WHAT YOU ARE ASKED TO DO - Repeat the data exactly, please; no pictures belong in the copy.

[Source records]
= = = = =

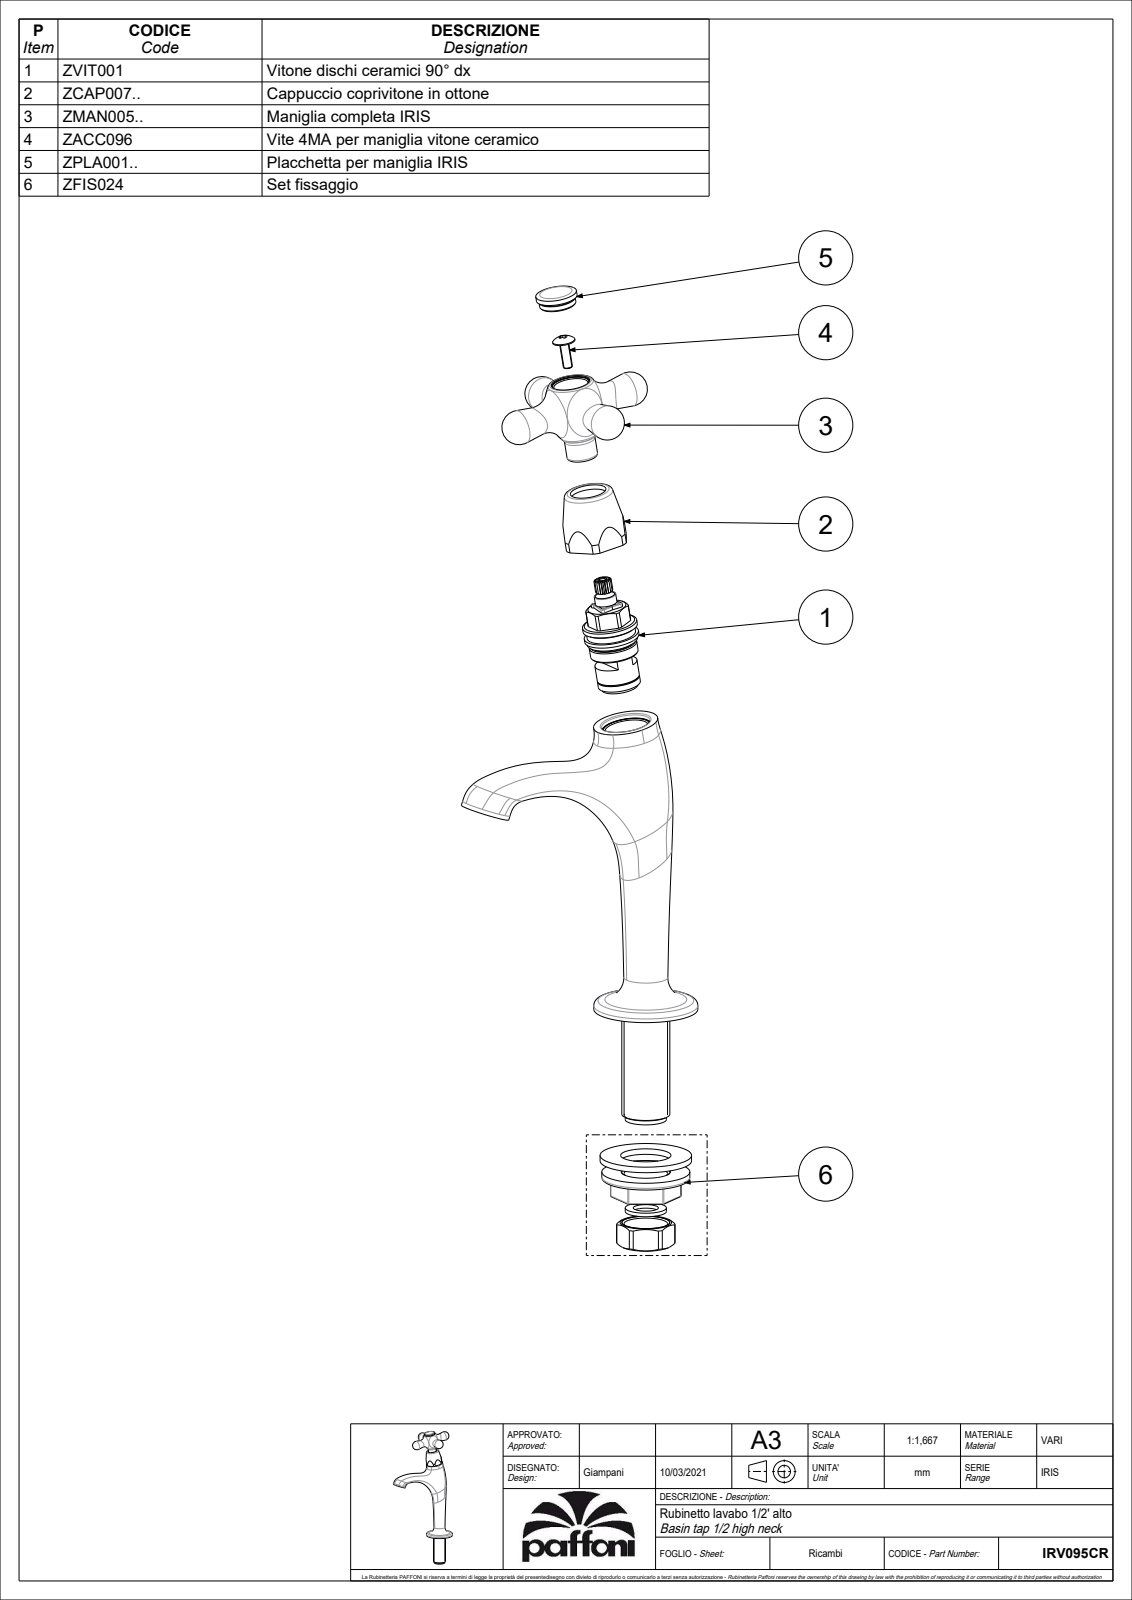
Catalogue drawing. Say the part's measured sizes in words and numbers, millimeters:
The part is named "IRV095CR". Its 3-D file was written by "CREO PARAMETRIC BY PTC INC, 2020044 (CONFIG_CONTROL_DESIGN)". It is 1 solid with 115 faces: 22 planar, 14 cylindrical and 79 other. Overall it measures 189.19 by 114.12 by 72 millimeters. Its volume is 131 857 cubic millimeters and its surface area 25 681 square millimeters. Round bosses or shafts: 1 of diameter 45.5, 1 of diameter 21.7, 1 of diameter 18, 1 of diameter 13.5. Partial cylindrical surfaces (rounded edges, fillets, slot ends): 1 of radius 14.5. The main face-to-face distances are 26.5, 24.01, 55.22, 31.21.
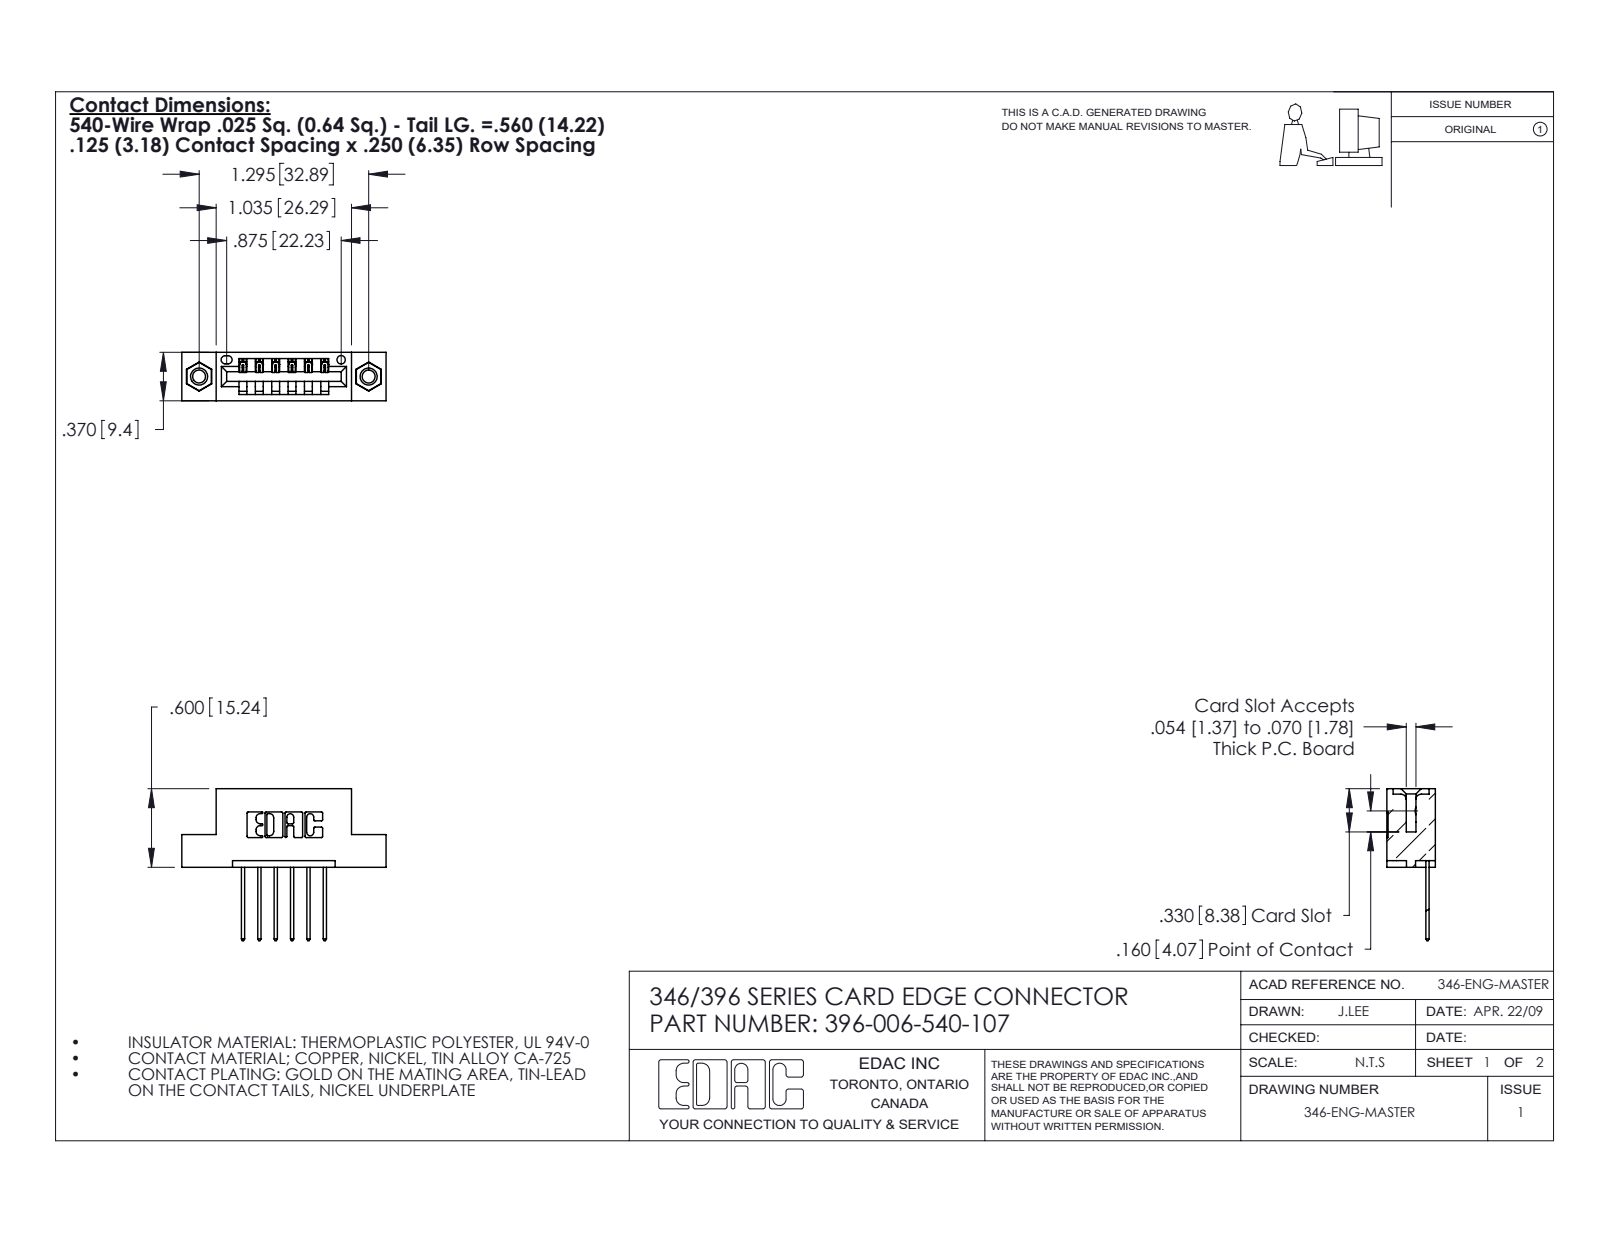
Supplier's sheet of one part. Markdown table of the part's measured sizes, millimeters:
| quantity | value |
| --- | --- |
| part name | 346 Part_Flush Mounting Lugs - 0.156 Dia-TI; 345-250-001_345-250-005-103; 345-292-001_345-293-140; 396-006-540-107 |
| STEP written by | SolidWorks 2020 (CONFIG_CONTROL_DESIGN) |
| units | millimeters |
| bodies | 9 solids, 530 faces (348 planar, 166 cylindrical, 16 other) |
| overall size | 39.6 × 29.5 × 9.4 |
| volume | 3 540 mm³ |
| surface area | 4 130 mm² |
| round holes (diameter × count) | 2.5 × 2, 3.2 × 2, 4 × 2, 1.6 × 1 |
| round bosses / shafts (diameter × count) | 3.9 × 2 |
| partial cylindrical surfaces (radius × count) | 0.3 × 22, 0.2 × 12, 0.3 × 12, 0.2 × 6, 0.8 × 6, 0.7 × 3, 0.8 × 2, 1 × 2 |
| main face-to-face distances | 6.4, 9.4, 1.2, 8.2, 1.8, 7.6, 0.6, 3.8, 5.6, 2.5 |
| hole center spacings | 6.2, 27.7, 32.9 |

= = = = =

RESPONSE AREA -
Catalogue drawing. Say the part's measured sizes in words and numbers, millimeters:
The part is named "IRV095CR". Its 3-D file was written by "CREO PARAMETRIC BY PTC INC, 2020044 (CONFIG_CONTROL_DESIGN)". It is 1 solid with 115 faces: 22 planar, 14 cylindrical and 79 other. Overall it measures 189.19 by 114.12 by 72 millimeters. Its volume is 131 857 cubic millimeters and its surface area 25 681 square millimeters. Round bosses or shafts: 1 of diameter 45.5, 1 of diameter 21.7, 1 of diameter 18, 1 of diameter 13.5. Partial cylindrical surfaces (rounded edges, fillets, slot ends): 1 of radius 14.5. The main face-to-face distances are 26.5, 24.01, 55.22, 31.21.
Supplier's sheet of one part. Markdown table of the part's measured sizes, millimeters:
| quantity | value |
| --- | --- |
| part name | 346 Part_Flush Mounting Lugs - 0.156 Dia-TI; 345-250-001_345-250-005-103; 345-292-001_345-293-140; 396-006-540-107 |
| STEP written by | SolidWorks 2020 (CONFIG_CONTROL_DESIGN) |
| units | millimeters |
| bodies | 9 solids, 530 faces (348 planar, 166 cylindrical, 16 other) |
| overall size | 39.6 × 29.5 × 9.4 |
| volume | 3 540 mm³ |
| surface area | 4 130 mm² |
| round holes (diameter × count) | 2.5 × 2, 3.2 × 2, 4 × 2, 1.6 × 1 |
| round bosses / shafts (diameter × count) | 3.9 × 2 |
| partial cylindrical surfaces (radius × count) | 0.3 × 22, 0.2 × 12, 0.3 × 12, 0.2 × 6, 0.8 × 6, 0.7 × 3, 0.8 × 2, 1 × 2 |
| main face-to-face distances | 6.4, 9.4, 1.2, 8.2, 1.8, 7.6, 0.6, 3.8, 5.6, 2.5 |
| hole center spacings | 6.2, 27.7, 32.9 |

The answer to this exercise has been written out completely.